Please look for the string "SEAL" below and report every line in which it occurs.

[Extracted records Boundary: Start]

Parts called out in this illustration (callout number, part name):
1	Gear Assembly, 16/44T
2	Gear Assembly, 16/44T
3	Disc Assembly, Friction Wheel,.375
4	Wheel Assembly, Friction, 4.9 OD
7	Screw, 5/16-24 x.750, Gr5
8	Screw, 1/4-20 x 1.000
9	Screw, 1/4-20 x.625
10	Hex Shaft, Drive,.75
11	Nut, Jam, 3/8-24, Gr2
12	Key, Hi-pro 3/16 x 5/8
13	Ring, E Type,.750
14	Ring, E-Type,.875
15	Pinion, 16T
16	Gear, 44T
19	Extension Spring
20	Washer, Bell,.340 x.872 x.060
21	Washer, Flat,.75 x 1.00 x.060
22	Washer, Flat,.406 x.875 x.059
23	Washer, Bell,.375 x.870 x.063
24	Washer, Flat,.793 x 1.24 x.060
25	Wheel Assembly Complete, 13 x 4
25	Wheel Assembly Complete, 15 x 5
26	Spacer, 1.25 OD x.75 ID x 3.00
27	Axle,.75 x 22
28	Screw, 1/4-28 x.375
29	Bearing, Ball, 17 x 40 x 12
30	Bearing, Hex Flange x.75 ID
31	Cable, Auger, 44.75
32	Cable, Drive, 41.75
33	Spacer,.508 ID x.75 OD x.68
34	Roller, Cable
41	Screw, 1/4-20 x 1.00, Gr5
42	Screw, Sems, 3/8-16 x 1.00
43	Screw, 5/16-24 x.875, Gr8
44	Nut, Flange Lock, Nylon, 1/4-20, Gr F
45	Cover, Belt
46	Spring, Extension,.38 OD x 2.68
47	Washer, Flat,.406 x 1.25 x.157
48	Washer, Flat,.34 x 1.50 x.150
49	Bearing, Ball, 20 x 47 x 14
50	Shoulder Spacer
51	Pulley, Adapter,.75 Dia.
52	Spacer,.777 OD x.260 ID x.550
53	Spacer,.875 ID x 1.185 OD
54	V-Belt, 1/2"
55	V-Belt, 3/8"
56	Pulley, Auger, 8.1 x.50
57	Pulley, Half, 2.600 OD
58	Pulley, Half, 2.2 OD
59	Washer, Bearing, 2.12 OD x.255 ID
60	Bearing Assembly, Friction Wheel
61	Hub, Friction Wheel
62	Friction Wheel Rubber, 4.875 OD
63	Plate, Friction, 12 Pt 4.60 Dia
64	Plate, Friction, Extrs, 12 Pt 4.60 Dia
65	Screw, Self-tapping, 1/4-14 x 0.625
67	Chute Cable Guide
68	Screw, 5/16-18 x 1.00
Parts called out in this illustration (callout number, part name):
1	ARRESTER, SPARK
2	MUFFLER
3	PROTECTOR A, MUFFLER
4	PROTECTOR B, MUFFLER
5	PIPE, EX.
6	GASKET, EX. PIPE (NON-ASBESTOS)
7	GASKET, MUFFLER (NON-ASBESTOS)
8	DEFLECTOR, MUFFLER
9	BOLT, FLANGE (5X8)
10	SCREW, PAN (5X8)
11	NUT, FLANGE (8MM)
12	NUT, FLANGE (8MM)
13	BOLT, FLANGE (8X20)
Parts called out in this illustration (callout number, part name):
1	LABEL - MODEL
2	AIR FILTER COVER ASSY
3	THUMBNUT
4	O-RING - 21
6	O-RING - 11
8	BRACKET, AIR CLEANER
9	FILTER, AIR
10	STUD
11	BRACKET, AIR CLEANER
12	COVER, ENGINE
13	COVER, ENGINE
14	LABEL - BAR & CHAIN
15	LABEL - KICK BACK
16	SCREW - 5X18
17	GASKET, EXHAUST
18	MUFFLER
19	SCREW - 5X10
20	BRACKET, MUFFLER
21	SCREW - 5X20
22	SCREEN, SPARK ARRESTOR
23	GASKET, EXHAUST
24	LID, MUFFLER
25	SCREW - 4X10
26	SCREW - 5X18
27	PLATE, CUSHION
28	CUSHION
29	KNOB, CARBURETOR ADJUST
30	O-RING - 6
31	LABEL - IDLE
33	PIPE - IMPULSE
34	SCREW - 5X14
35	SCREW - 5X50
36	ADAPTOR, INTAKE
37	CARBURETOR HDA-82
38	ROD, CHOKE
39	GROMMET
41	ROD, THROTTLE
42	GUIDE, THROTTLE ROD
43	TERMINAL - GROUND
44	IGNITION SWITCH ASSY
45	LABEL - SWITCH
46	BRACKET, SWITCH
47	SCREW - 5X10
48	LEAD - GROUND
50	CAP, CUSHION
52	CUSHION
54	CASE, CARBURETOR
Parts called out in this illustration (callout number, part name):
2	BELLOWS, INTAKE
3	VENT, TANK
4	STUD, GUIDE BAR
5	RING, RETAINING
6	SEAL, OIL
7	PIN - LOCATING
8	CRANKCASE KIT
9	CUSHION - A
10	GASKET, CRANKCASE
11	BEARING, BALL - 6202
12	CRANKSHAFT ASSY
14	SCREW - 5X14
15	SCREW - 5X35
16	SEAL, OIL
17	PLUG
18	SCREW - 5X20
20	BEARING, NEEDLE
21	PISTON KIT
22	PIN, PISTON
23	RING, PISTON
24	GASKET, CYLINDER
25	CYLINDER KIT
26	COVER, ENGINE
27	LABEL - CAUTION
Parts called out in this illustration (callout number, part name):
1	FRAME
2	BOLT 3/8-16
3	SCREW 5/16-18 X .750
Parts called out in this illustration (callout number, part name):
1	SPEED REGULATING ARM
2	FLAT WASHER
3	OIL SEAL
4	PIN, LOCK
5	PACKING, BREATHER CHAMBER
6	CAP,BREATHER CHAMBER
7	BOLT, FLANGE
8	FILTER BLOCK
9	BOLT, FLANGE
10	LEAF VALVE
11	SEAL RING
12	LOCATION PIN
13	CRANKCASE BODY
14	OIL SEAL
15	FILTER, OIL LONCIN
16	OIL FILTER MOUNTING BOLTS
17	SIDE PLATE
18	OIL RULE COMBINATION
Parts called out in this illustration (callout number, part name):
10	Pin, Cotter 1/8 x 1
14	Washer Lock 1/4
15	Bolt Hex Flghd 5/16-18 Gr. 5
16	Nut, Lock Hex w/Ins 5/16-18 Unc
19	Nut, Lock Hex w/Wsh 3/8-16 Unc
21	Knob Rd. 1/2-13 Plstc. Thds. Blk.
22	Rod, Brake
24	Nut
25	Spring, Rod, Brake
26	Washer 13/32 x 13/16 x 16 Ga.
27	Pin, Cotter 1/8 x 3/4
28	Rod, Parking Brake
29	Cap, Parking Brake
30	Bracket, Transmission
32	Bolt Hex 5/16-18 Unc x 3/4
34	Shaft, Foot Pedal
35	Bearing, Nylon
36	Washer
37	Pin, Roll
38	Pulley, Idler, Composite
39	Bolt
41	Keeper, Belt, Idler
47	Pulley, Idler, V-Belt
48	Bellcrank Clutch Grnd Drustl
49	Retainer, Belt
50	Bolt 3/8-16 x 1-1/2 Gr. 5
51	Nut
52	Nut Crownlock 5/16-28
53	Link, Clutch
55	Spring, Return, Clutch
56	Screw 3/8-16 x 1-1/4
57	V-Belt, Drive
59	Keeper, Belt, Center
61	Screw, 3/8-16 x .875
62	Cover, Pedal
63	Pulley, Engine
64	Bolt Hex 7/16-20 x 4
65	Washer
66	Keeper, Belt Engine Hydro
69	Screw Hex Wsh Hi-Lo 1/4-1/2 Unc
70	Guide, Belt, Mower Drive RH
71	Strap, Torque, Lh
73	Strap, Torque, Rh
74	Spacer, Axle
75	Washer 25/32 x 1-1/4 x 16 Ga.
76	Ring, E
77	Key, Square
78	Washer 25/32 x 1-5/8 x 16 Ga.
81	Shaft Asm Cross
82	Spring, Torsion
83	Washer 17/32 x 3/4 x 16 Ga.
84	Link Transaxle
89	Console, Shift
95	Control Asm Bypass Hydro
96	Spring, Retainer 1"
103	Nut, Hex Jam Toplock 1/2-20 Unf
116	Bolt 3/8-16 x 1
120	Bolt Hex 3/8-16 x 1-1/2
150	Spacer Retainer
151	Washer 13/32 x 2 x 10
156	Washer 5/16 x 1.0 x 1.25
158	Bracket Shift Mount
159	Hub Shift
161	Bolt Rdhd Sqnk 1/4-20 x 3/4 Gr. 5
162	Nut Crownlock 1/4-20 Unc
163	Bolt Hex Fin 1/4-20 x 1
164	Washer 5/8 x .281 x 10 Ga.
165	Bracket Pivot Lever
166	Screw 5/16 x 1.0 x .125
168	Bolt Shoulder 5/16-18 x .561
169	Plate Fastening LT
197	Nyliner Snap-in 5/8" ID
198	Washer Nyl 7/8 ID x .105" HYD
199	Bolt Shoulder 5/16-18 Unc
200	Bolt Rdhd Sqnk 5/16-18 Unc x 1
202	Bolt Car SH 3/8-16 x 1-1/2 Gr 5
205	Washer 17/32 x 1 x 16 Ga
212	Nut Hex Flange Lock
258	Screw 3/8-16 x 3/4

[Extracted records Boundary: End]

→ **Output below**
6	SEAL, OIL
16	SEAL, OIL
3	OIL SEAL
11	SEAL RING
14	OIL SEAL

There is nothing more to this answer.